Tell your doctor if you plan to have any X-ray procedures that require an injection of iodinated contrast (dye).
Using this type of contrast while you are taking METEX XR can cause serious kidney problems and increase the risk of lactic acidosis.
Make sure that you, your friends, family and work colleagues can recognise the symptoms of hypoglycaemia (low blood sugar) and hyperglycaemia (high blood sugar), and know how to treat them.
METEX XR does not normally cause hypoglycaemia although you may experience if you are also taking other medicines for diabetes such as insulin or sulfonylureas.
Hypoglycaemia can occur suddenly. Symptoms may include:
- weakness, trembling or shaking
- light-headedness, dizziness, headache or lack of concentration
- irritability, tearfulness or crying
- numbness around the lips and tongue.
If not treated promptly, these symptoms may progress to:
- loss of co-ordination
- slurred speech
- fits or loss of consciousness.
If you experience any of the symptoms of hypoglycaemia, you need to raise your blood glucose immediately. You can do this by doing one of the following:
- eating 5 to 7 jelly beans
- eating 3 teaspoons of sugar or honey
- drinking half a can of non-diet soft drink
- taking 2 to 3 concentrated glucose tablets.
Unless you are within 10 to 15 minutes of your next meal or snack, follow up with extra carbohydrates such as plain biscuits, fruit or milk.
Taking this extra carbohydrate will prevent a second drop in your blood glucose level.
If you experience any of the symptoms of hyperglycaemia (high blood sugar), contact your doctor immediately.
The risk of hyperglycaemia is increased in the following situations:
- uncontrolled diabetes
- illness, infection or stress
- taking less METEX XR than prescribed
- taking certain other medicines
- too little exercise
- eating more carbohydrates than normal.
Tell your doctor if you:
- become ill
- become dehydrated
- are injured
- have a fever
- become pregnant
- have a serious infection
- having surgery (including dental surgery)
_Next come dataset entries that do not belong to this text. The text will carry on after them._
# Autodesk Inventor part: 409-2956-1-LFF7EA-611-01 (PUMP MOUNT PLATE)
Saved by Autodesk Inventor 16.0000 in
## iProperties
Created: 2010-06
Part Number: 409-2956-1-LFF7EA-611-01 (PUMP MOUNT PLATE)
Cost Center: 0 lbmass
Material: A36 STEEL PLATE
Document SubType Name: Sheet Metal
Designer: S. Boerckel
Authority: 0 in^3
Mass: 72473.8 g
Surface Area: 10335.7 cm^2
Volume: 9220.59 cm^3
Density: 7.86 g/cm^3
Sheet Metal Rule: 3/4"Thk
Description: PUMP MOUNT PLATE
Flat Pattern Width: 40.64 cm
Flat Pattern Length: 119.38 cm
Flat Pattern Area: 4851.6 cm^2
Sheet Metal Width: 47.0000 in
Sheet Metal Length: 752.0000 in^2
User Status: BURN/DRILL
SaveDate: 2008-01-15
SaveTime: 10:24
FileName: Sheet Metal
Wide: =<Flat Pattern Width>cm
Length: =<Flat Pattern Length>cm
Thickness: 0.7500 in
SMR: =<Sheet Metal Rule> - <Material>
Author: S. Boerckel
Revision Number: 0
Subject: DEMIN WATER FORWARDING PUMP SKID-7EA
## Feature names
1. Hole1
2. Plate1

- having X-ray procedures that require injection of iodinated contrast agents (dye).
Your blood glucose may become difficult to control at these times. You may also be more at risk of developing a serious condition called lactic acidosis. At these times, your doctor may replace METEX XR with insulin.
Visit your doctor regularly for check ups.
Your doctor may want to check your kidneys, liver, heart and blood while you are taking METEX XR.
Make sure you check your blood glucose levels regularly.
This is the best way to tell if your diabetes is being controlled properly. Your doctor or diabetes educator will show you how and when to do this.
Carefully follow your doctor's and dietician's advice on diet, drinking alcohol and exercise.
Things you must not do
Do not skip meals while taking METEX XR.
Do not stop taking METEX XR or change the dose without checking with your doctor.
Do not give METEX XR to anyone else, even if they have the same condition as you.
Things to be careful of
If you have to be alert, for example when driving, be especially careful not to let your blood glucose levels fall too low.
Low blood glucose levels may slow your reaction time and affect your ability to drive or operate machinery. Drinking alcohol can make this worse. However, METEX XR by itself is unlikely to affect how you drive or operate machinery.
If you become sick with a cold, fever or flu, it is very important to continue eating your normal meals.
Your diabetes educator or dietician can give you a list of foods to eat on sick days.